# Work order:
Throughout the entries below, report every line where "CIRCLE" is found.

[Stored entries]
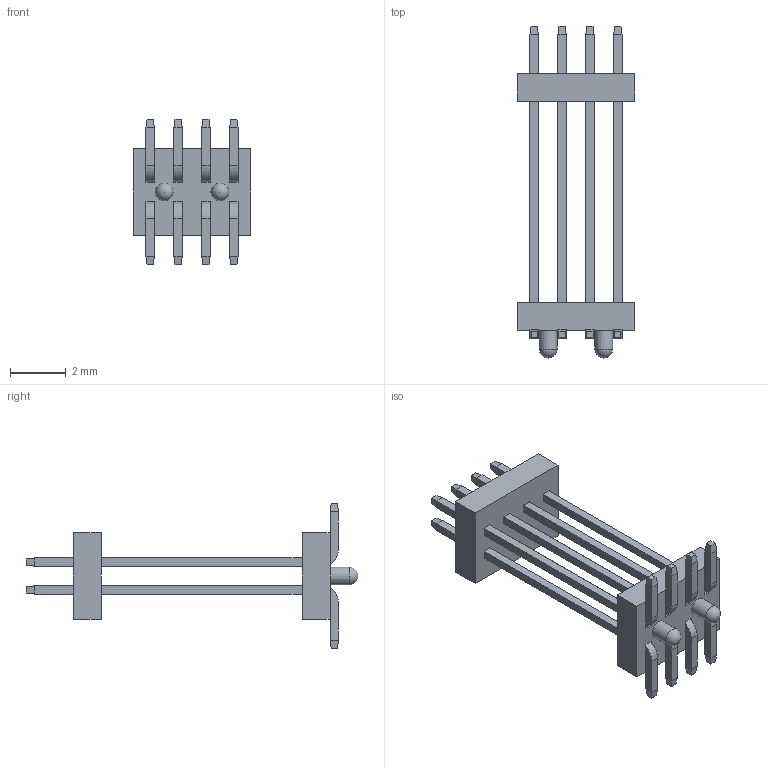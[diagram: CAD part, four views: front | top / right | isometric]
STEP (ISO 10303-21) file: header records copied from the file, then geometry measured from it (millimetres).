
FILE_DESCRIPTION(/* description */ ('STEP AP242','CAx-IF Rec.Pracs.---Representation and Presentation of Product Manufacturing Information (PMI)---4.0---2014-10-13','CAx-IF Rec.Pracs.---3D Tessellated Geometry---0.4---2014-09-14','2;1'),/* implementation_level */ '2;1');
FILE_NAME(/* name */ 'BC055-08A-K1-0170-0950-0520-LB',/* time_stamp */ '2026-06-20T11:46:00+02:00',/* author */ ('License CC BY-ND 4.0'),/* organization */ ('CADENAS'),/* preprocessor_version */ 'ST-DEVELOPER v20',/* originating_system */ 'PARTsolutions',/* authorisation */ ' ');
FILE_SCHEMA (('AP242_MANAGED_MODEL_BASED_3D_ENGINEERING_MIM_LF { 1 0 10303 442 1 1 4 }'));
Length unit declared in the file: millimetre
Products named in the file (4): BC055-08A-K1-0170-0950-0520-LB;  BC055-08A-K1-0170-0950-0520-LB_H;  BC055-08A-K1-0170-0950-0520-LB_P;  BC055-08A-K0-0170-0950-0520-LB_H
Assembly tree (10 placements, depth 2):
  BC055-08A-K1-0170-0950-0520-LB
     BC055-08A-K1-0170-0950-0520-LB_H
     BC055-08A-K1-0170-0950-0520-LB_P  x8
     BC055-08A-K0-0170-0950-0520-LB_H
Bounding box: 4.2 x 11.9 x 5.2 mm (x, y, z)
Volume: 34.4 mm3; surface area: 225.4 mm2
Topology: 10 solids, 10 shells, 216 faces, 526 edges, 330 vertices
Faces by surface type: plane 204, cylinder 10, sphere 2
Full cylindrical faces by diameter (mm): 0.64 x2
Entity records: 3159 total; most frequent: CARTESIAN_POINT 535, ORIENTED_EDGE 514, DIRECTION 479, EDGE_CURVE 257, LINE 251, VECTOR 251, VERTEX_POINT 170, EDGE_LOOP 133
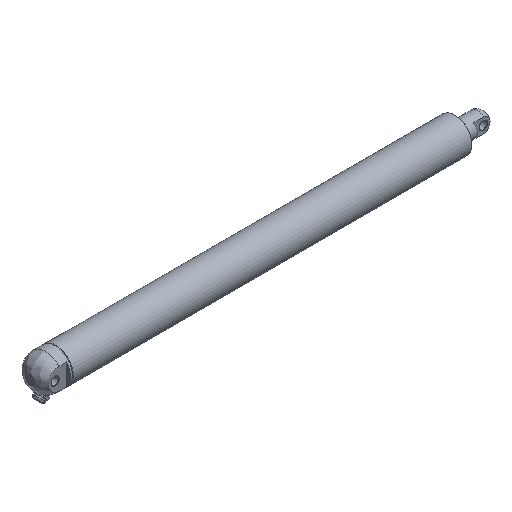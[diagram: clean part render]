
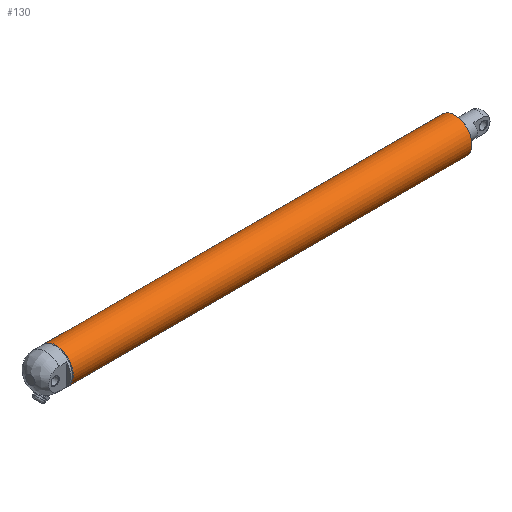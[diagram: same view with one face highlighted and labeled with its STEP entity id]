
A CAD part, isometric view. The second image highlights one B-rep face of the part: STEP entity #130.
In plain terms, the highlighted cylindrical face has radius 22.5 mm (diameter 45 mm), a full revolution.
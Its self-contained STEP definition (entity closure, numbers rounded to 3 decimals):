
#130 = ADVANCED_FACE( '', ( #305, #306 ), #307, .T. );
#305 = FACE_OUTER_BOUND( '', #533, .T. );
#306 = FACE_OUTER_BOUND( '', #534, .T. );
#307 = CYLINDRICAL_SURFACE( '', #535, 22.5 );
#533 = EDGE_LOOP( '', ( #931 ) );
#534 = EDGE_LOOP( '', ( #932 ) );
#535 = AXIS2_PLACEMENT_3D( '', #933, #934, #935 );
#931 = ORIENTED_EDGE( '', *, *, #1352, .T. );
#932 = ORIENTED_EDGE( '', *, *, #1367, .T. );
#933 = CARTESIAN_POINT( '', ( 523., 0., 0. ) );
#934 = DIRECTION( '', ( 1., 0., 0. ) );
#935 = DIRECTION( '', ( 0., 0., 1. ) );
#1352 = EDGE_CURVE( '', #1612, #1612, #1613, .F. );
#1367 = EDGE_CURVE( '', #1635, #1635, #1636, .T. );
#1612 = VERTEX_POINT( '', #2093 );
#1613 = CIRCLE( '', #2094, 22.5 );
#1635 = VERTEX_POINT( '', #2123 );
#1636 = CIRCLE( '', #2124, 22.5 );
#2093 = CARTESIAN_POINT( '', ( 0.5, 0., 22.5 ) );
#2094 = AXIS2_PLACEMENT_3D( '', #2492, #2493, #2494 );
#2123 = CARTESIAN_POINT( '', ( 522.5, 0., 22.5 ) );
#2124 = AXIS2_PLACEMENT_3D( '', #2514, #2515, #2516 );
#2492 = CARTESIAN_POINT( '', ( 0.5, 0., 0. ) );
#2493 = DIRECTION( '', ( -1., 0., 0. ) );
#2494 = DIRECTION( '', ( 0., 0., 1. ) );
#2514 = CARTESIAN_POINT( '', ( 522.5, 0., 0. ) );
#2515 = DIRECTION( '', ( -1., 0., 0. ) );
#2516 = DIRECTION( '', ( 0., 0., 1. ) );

# Task response:
#1613 = CIRCLE( '', #2094, 22.5 );
#1636 = CIRCLE( '', #2124, 22.5 );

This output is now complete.